Analisis Restriction fragment length polymorphism (RFLP) adalah salah satu teknik pertama yang secara luas digunakan untuk mendeteksi variasi pada tingkat sekuen DNA. Deteksi RFLP dilakukan berdasar pada adanya kemungkinan untuk membandingkan profil pita-pita yang dihasilkan setelah dilakukan pemotongan dengan enzim restriksi terhadap DNA target/dari individu yang berbeda. Berbagai mutasi yang terjadi pada suatu organisma mempengaruhi molekul DNA dengan berbagai cara, menghasilkan fragmen-fragmen dengan panjang yang berbeda. Perbedaan panjang fragmen ini dapat dilihat setelah dilakukan elektroforesis pada gel, hibridisasi dan visualisasi. Aplikasi teknik RFLP biasa digunakan untuk mendeteksi diversitas genetic, hubungan kekerabatan, sejarah domestikasi, asal dan evolusi suatu spesies, genetic drift dan seleksi, pemetaan keseluruhan genom, tagging gen, mengisolasi gen-gen yang berguna dari spesies liar, mengkonstruksi perpustakaan DNA (Anonim, 2011).

Langkah-langkah kerja untuk mendeteksi RFLP di laboratorium meliputi : 1) Isolasi DNA, 2) pemotongan dengan enzim restriksi (digesti restriksi) dan elektroforesis gel, 3) transfer DNA dengan Southern blotting, 4) hibridisasi DNA (Anonim, 2011).

Kesimpulan

Berdasarkan hasil praktikum yang dilakuan pada acara isolasi DNA dapat disimpulkan bahwa proses isolasi DNA pertama dilakukan prepasi sampel yaitu dengan penambahan DNA lysis buffer dan proteinase K pada sampel dan diinkubasi selama lebih dari 12 jam pada suhu 55°C yang bertujuan untuk menghancurkan dinding sel dan mendenaturasi protein. Proses selanjutnya yaitu bertujuan untuk dapat memisahkan DNA, mengendapkan dan membersihkan DNA dari larutan selain DNA yaitu dengan penambahan berbagai larutan seperti NaCl, isopropanol, dan etanol (Et-OH 70%) serta dilakukan sentrifuge untuk memisahkan larutan.

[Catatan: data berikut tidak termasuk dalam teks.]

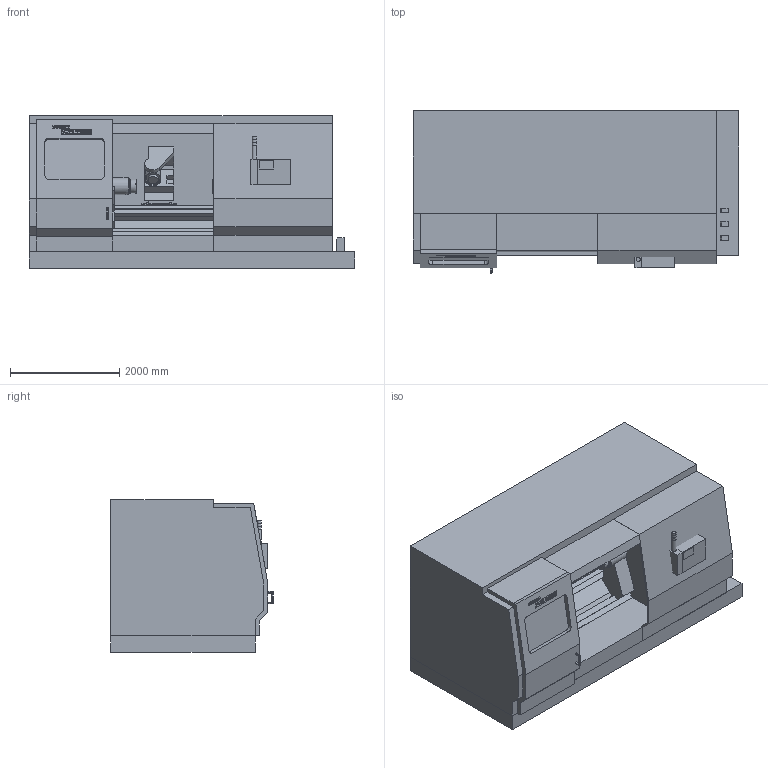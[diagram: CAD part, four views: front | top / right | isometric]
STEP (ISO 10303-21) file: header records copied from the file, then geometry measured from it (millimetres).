
FILE_DESCRIPTION(/* description */ (''),/* implementation_level */ '2;1');
FILE_NAME(/* name */ 'C:\Users\PreVu3D\Desktop\Assembly1_bis.stp',/* time_stamp */ '2019-06-20T18:09:16-04:00',/* author */ ('PreVu3D'),/* organization */ (''),/* preprocessor_version */ 'ST-DEVELOPER v17',/* originating_system */ 'Autodesk Inventor 2019',/* authorisation */ '');
FILE_SCHEMA (('CONFIG_CONTROL_DESIGN'));
Length unit declared in the file: inch
Products named in the file (2): Assembly1; DOOSAN PUMA MX3000
Assembly tree (1 placements, depth 2):
  Assembly1
    DOOSAN PUMA MX3000
Bounding box: 5943.6 x 2971.8 x 2794 mm (x, y, z)
Volume: 32962307096.8 mm3; surface area: 173246862.9 mm2
Topology: 60 solids, 60 shells, 1163 faces, 3055 edges, 2008 vertices
Faces by surface type: plane 806, cylinder 136, bspline 114, cone 79, sphere 20, torus 8
Full cylindrical faces by diameter (mm): 10.084 x12, 13.492 x4, 15.875 x12, 20.638 x4, 25.4 x3, 50.8 x3, 54.086 x1, 76.2 x4, 182.88 x2, 229.125 x1, 254 x4, 279.4 x3, 304.8 x2
Entity records: 40269 total; most frequent: CARTESIAN_POINT 11659, ORIENTED_EDGE 6070, DIRECTION 5430, EDGE_CURVE 3035, VERTEX_POINT 2008, LINE 1972, VECTOR 1972, AXIS2_PLACEMENT_3D 1729
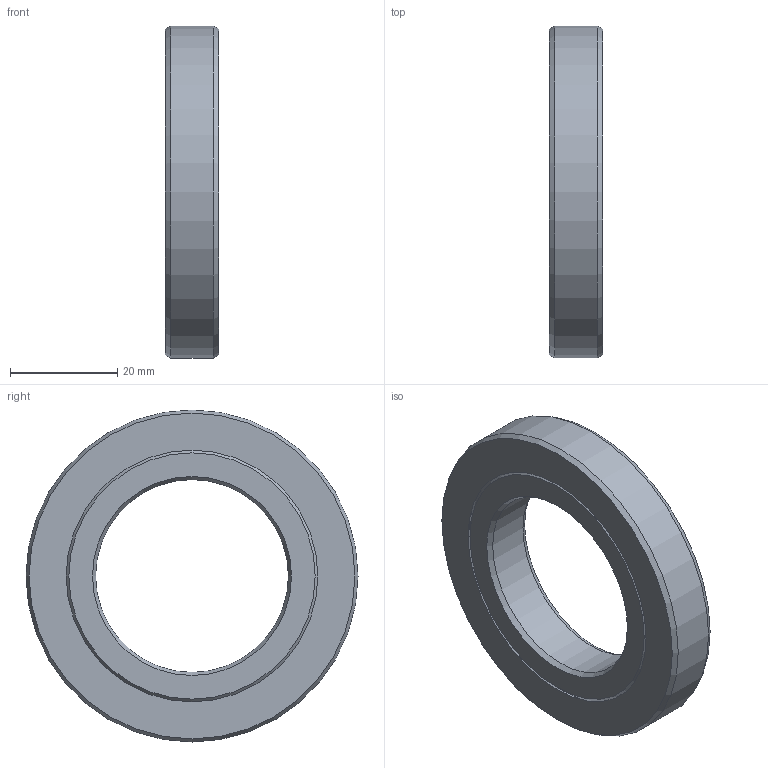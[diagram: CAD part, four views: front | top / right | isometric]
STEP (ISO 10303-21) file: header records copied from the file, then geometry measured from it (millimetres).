
FILE_DESCRIPTION(/* description */ (''),/* implementation_level */ '2;1');
FILE_NAME(/* name */ '301829 SA 36x62x10.stp',/* time_stamp */ '2016-12-16T15:23:34+01:00',/* author */ (''),/* organization */ (''),/* preprocessor_version */ 'ST-DEVELOPER v15',/* originating_system */ 'SIEMENS PLM Software NX 8.5',/* authorisation */ '');
FILE_SCHEMA (('CONFIG_CONTROL_DESIGN'));
Length unit declared in the file: millimetre
Products named in the file (1): ATE0000144_01
Bounding box: 10 x 62 x 62 mm (x, y, z)
Volume: 18939.6 mm3; surface area: 10622.2 mm2
Topology: 2 solids, 2 shells, 18 faces, 37 edges, 23 vertices
Faces by surface type: cone 10, plane 5, cylinder 3
Full cylindrical faces by diameter (mm): 36 x1, 62 x1
Entity records: 492 total; most frequent: DIRECTION 76, CARTESIAN_POINT 74, ORIENTED_EDGE 46, AXIS2_PLACEMENT_3D 38, EDGE_LOOP 33, FACE_BOUND 30, EDGE_CURVE 23, VERTEX_POINT 20

Isolasi DNA memiliki beberapa tahapan, yaitu: Isolasi jaringan, dinding dan membran sel dilisiskan, diekstraksi dalam larutan, dipurifikasi, dan dipresipitasi. Prinsip-prinsip dalam melakukan isolasi DNA ada 2, yaitu sentrifugasi dan presipitasi. Prinsip utama sentrifugasi adalah memisahkan substansi berdasarkan berat jenis molekul dengan cara memberikan gaya sentrifugal sehingga substansi yang lebih berat akan berada di dasar, sedangkan substansi yang lebih ringan akan terletak di atas. Teknik sentrifugasi tersebut dilakukan di dalam sebuah mesin yang bernama mesin sentrifugasi dengan kecepatan yang bervariasi, contohnya 2500 rpm (rotation per minute) atau 3000 rpm (Kimball, 1990).

Daftar pustaka

Anonim.2011.Mengenal PCR Polimerase Chain Reaction.Diakses dari sumber http://sciencebiotech.net/mengenal-pcr-polymerase-chainreaction/ pada tanggal 12 Mei 2011.

Anonim.2011.Mutasi.Diakses dari sumber http://biologimediacentre.com/mutasi/ pada tanggal 12 Mei 2011.

Campbell, N.A, Jane B. Reece, Lawrence G, Mitchell. 2000. Biology, Fifth Edition.Jakarta:Erlangga.

Ganong, W.1997. Fisiologi Kedokteran.Penerbit Buku Kedokteran. Jakarta.

Hardjosubroto, Wartomo. 1998. Pengantar Genetika Hewan. Fakultas Peternakan Universitas Gadjah Mada. Yogyakarta.

Kimball, John W. 1990. Biologi. ter. Siti Soetarmi dan Nawangsari. S. PT. Gelora Aksara Pratama. Bandung.

Suryo.1994. Genetika Strata 1. Cetakan ke 4.Gadjah Mada University Press.